(EXERCISE INSTRUCTIONS):
Every entry below should be transcribed exactly; pictures stay out of the copy.

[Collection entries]
= = = = =
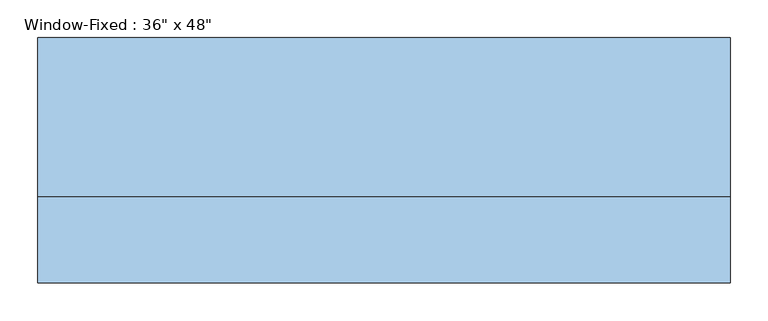
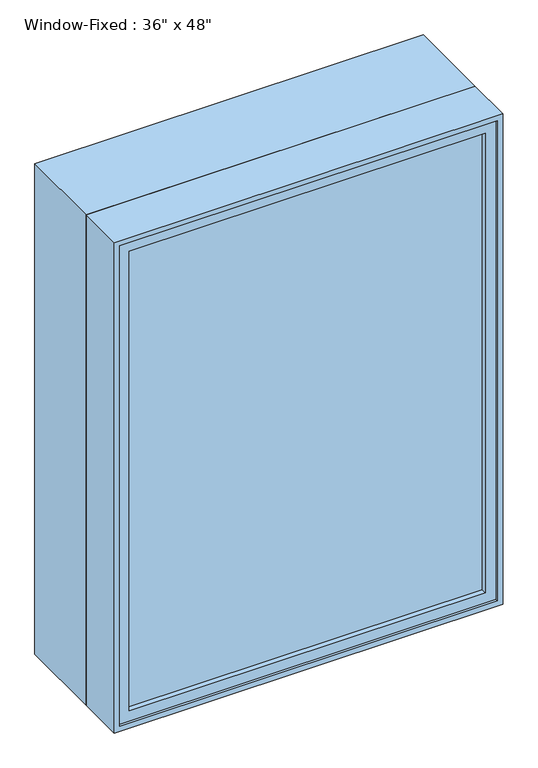
"""IFC4 building model written with IfcOpenShell, lengths in millimetres: window geometry."""

from ifc_helpers import new_model, si_unit, frame, origin, place, context, project, spatial, polyline, outline, extrude, faceted_brep, source, transform, mapped, element, save


def window_ebfb4af0(model_context):
    return source(origin(), model_context, "Body", "SolidModel", [
        extrude(outline(polyline([(419.1, -152.4), (-419.1, -152.4), (-419.1, -146.05), (419.1, -146.05), (419.1, -152.4)])), frame((0.0, 0.0, 952.5), z_axis=(0.0, 0.0, 1.0), x_axis=(1.0, 0.0, 0.0)), (0.0, 0.0, 1.0), 1143.0),
        extrude(outline(polyline([(-419.1, -133.35), (419.1, -133.35), (419.1, -139.7), (-419.1, -139.7), (-419.1, -133.35)])), frame((0.0, 0.0, 952.5), z_axis=(0.0, 0.0, 1.0), x_axis=(1.0, 0.0, 0.0)), (0.0, 0.0, 1.0), 1143.0),
        extrude(outline(polyline([(927.1, -444.5), (927.1, 444.5), (2120.9, 444.5), (2120.9, -444.5), (927.1, -444.5)]), holes=[polyline([(952.5, 419.1), (952.5, -419.1), (2095.5, -419.1), (2095.5, 419.1), (952.5, 419.1)])]), frame((0.0, -165.1, 0.0), z_axis=(0.0, 1.0, 0.0), x_axis=(0.0, 0.0, 1.0)), (0.0, 0.0, 1.0), 44.45),
        extrude(outline(polyline([(2133.6, -457.2), (914.4, -457.2), (914.4, 457.2), (2133.6, 457.2), (2133.6, -457.2)]), holes=[polyline([(2120.9, 444.5), (927.1, 444.5), (927.1, -444.5), (2120.9, -444.5), (2120.9, 444.5)])]), frame((0.0, -57.15, 0.0), z_axis=(0.0, 1.0, 0.0), x_axis=(0.0, 0.0, 1.0)), (0.0, 0.0, 1.0), 209.55),
        faceted_brep([(457.2, -57.15, 2133.6), (-457.2, -57.15, 2133.6), (-457.2, -171.45, 2133.6), (457.2, -171.45, 2133.6), (-457.2, -57.15, 914.4), (-457.2, -171.45, 914.4), (457.2, -57.15, 914.4), (457.2, -171.45, 914.4), (425.45, -57.15, 2101.85), (-425.45, -57.15, 2101.85), (-425.45, -57.15, 946.15), (425.45, -57.15, 946.15), (-444.5, -171.45, 2120.9), (444.5, -171.45, 2120.9), (444.5, -171.45, 927.1), (-444.5, -171.45, 927.1), (425.45, -120.65, 2101.85), (-425.45, -120.65, 2101.85), (-444.5, -120.65, 2120.9), (444.5, -120.65, 2120.9), (-425.45, -120.65, 946.15), (-444.5, -120.65, 927.1), (425.45, -120.65, 946.15), (444.5, -120.65, 927.1)], [[[0, 1, 2, 3]], [[1, 4, 5, 2]], [[4, 6, 7, 5]], [[1, 0, 6, 4], [8, 9, 10, 11]], [[6, 0, 3, 7]], [[3, 2, 5, 7], [12, 13, 14, 15]], [[16, 17, 9, 8]], [[13, 12, 18, 19]], [[17, 20, 10, 9]], [[12, 15, 21, 18]], [[20, 22, 11, 10]], [[15, 14, 23, 21]], [[22, 16, 8, 11]], [[19, 18, 21, 23], [17, 16, 22, 20]], [[14, 13, 19, 23]]]),
    ])


if __name__ == "__main__":
    model = new_model("IFC4")
    model_context = context("Model", 3, world=origin())
    ifc_project = project(units=[si_unit("LENGTHUNIT", "METRE", prefix="MILLI")], contexts=[model_context])
    site = spatial("IfcSite", under=ifc_project)
    building = spatial("IfcBuilding", under=site)
    placement = place(None, origin())
    window_shape = window_ebfb4af0(model_context)
    element("IfcWindow", 1, ObjectType="Window-Fixed : 36\" x 48\"", at=placement, inside=building, context=model_context, shape_type="MappedRepresentation", body=[
        mapped(window_shape, transform((0.0, 0.0, 0.0), x_axis=(1.0, 0.0, 0.0), y_axis=(0.0, 1.0, 0.0), z_axis=(0.0, 0.0, 1.0))),
    ])
    save(model, "model.ifc")

# Revit data of these elements
# Type "Window-Fixed : 36\" x 48\""
#   Type Mark = "H"
#   Fire Rating = "0.5h"
#   Assembly Code = "B2020100"
#   Analytic Construction = "Double glazing - domestic"
#   Window Inset [instance default] = 0' - 0"
#   Wall Thickness [instance default] = 0' - 6"
#   Visual Light Transmittance = 0.81
#   Thermal Resistance (R) = 1.8146 (h·ft²·°F)/BTU
#   Solar Heat Gain Coefficient = 0.76
#   Rough Width = 3' - 0 1/2"
#   Rough Height = 4' - 0 1/2"
#   Interior Wall Closure [instance default] = 0' - 2 1/4"
#   Height = 4' - 0"
#   Heat Transfer Coefficient (U) = 0.5511 BTU/(h·ft²·°F)
#   Frame Extension [instance default] = 0' - 0 1/4"
#   Exterior Wall Closure [instance default] = 0' - 1 1/4"
#   Extension Jamb [instance default] = 0' - 2 1/4"
#   Default Sill Height = 3' - 0"
#   Width = 3' - 0"
#   Muntin Visibility = yes
#   Interior Trim Visibility [instance default] = yes
#   Exterior Trim Visibility [instance default] = yes
#   Extension Jamb Visibility [instance default] = yes
#   Muntin Pattern = Muntin Pattern_2x2 : Muntin Pattern_2x2
#   Interior Trim Material = Wood - Stained
#   Interior Trim = Trim-Window-Interior-Flat : Picture Frame
#   Interior Frame Material = Wood - Stained
#   Glass Panel Material = Glass
#   Exterior Trim Material = Clad - White
#   Exterior Trim = Trim-Window-Exterior-Flat : with Sill
#   Exterior Frame Material = Clad - White
#   Wall Closure = (empty or 0)
# Element 1 (IfcWindow, "Window-Fixed : 36\" x 48\"")
#   Wall Thickness = 1' - 0"
#   Extension Jamb = 0' - 8 1/4"
#   Materials on its faces: "Wood - Stained", "Glass", "Clad - White"
# Materials
#   "Wood - Stained": class "Wood", colour RGB 224 178 126, transparency 0, Cost = 0
#   "Glass": class "Unassigned", colour RGB 0 128 192, transparency 0.75, Description = "Glass"
#   "Clad - White": class "Wood", colour RGB 242 242 238, transparency 0, Cost = 0
= = = = =
(REPLY):
"""IFC4 building model written with IfcOpenShell, lengths in millimetres: window geometry."""

from ifc_helpers import new_model, si_unit, frame, origin, place, context, project, spatial, polyline, outline, extrude, faceted_brep, source, transform, mapped, element, save


def window_ebfb4af0(model_context):
    return source(origin(), model_context, "Body", "SolidModel", [
        extrude(outline(polyline([(419.1, -152.4), (-419.1, -152.4), (-419.1, -146.05), (419.1, -146.05), (419.1, -152.4)])), frame((0.0, 0.0, 952.5), z_axis=(0.0, 0.0, 1.0), x_axis=(1.0, 0.0, 0.0)), (0.0, 0.0, 1.0), 1143.0),
        extrude(outline(polyline([(-419.1, -133.35), (419.1, -133.35), (419.1, -139.7), (-419.1, -139.7), (-419.1, -133.35)])), frame((0.0, 0.0, 952.5), z_axis=(0.0, 0.0, 1.0), x_axis=(1.0, 0.0, 0.0)), (0.0, 0.0, 1.0), 1143.0),
        extrude(outline(polyline([(927.1, -444.5), (927.1, 444.5), (2120.9, 444.5), (2120.9, -444.5), (927.1, -444.5)]), holes=[polyline([(952.5, 419.1), (952.5, -419.1), (2095.5, -419.1), (2095.5, 419.1), (952.5, 419.1)])]), frame((0.0, -165.1, 0.0), z_axis=(0.0, 1.0, 0.0), x_axis=(0.0, 0.0, 1.0)), (0.0, 0.0, 1.0), 44.45),
        extrude(outline(polyline([(2133.6, -457.2), (914.4, -457.2), (914.4, 457.2), (2133.6, 457.2), (2133.6, -457.2)]), holes=[polyline([(2120.9, 444.5), (927.1, 444.5), (927.1, -444.5), (2120.9, -444.5), (2120.9, 444.5)])]), frame((0.0, -57.15, 0.0), z_axis=(0.0, 1.0, 0.0), x_axis=(0.0, 0.0, 1.0)), (0.0, 0.0, 1.0), 209.55),
        faceted_brep([(457.2, -57.15, 2133.6), (-457.2, -57.15, 2133.6), (-457.2, -171.45, 2133.6), (457.2, -171.45, 2133.6), (-457.2, -57.15, 914.4), (-457.2, -171.45, 914.4), (457.2, -57.15, 914.4), (457.2, -171.45, 914.4), (425.45, -57.15, 2101.85), (-425.45, -57.15, 2101.85), (-425.45, -57.15, 946.15), (425.45, -57.15, 946.15), (-444.5, -171.45, 2120.9), (444.5, -171.45, 2120.9), (444.5, -171.45, 927.1), (-444.5, -171.45, 927.1), (425.45, -120.65, 2101.85), (-425.45, -120.65, 2101.85), (-444.5, -120.65, 2120.9), (444.5, -120.65, 2120.9), (-425.45, -120.65, 946.15), (-444.5, -120.65, 927.1), (425.45, -120.65, 946.15), (444.5, -120.65, 927.1)], [[[0, 1, 2, 3]], [[1, 4, 5, 2]], [[4, 6, 7, 5]], [[1, 0, 6, 4], [8, 9, 10, 11]], [[6, 0, 3, 7]], [[3, 2, 5, 7], [12, 13, 14, 15]], [[16, 17, 9, 8]], [[13, 12, 18, 19]], [[17, 20, 10, 9]], [[12, 15, 21, 18]], [[20, 22, 11, 10]], [[15, 14, 23, 21]], [[22, 16, 8, 11]], [[19, 18, 21, 23], [17, 16, 22, 20]], [[14, 13, 19, 23]]]),
    ])


if __name__ == "__main__":
    model = new_model("IFC4")
    model_context = context("Model", 3, world=origin())
    ifc_project = project(units=[si_unit("LENGTHUNIT", "METRE", prefix="MILLI")], contexts=[model_context])
    site = spatial("IfcSite", under=ifc_project)
    building = spatial("IfcBuilding", under=site)
    placement = place(None, origin())
    window_shape = window_ebfb4af0(model_context)
    element("IfcWindow", 1, ObjectType="Window-Fixed : 36\" x 48\"", at=placement, inside=building, context=model_context, shape_type="MappedRepresentation", body=[
        mapped(window_shape, transform((0.0, 0.0, 0.0), x_axis=(1.0, 0.0, 0.0), y_axis=(0.0, 1.0, 0.0), z_axis=(0.0, 0.0, 1.0))),
    ])
    save(model, "model.ifc")

# Revit data of these elements
# Type "Window-Fixed : 36\" x 48\""
#   Type Mark = "H"
#   Fire Rating = "0.5h"
#   Assembly Code = "B2020100"
#   Analytic Construction = "Double glazing - domestic"
#   Window Inset [instance default] = 0' - 0"
#   Wall Thickness [instance default] = 0' - 6"
#   Visual Light Transmittance = 0.81
#   Thermal Resistance (R) = 1.8146 (h·ft²·°F)/BTU
#   Solar Heat Gain Coefficient = 0.76
#   Rough Width = 3' - 0 1/2"
#   Rough Height = 4' - 0 1/2"
#   Interior Wall Closure [instance default] = 0' - 2 1/4"
#   Height = 4' - 0"
#   Heat Transfer Coefficient (U) = 0.5511 BTU/(h·ft²·°F)
#   Frame Extension [instance default] = 0' - 0 1/4"
#   Exterior Wall Closure [instance default] = 0' - 1 1/4"
#   Extension Jamb [instance default] = 0' - 2 1/4"
#   Default Sill Height = 3' - 0"
#   Width = 3' - 0"
#   Muntin Visibility = yes
#   Interior Trim Visibility [instance default] = yes
#   Exterior Trim Visibility [instance default] = yes
#   Extension Jamb Visibility [instance default] = yes
#   Muntin Pattern = Muntin Pattern_2x2 : Muntin Pattern_2x2
#   Interior Trim Material = Wood - Stained
#   Interior Trim = Trim-Window-Interior-Flat : Picture Frame
#   Interior Frame Material = Wood - Stained
#   Glass Panel Material = Glass
#   Exterior Trim Material = Clad - White
#   Exterior Trim = Trim-Window-Exterior-Flat : with Sill
#   Exterior Frame Material = Clad - White
#   Wall Closure = (empty or 0)
# Element 1 (IfcWindow, "Window-Fixed : 36\" x 48\"")
#   Wall Thickness = 1' - 0"
#   Extension Jamb = 0' - 8 1/4"
#   Materials on its faces: "Wood - Stained", "Glass", "Clad - White"
# Materials
#   "Wood - Stained": class "Wood", colour RGB 224 178 126, transparency 0, Cost = 0
#   "Glass": class "Unassigned", colour RGB 0 128 192, transparency 0.75, Description = "Glass"
#   "Clad - White": class "Wood", colour RGB 242 242 238, transparency 0, Cost = 0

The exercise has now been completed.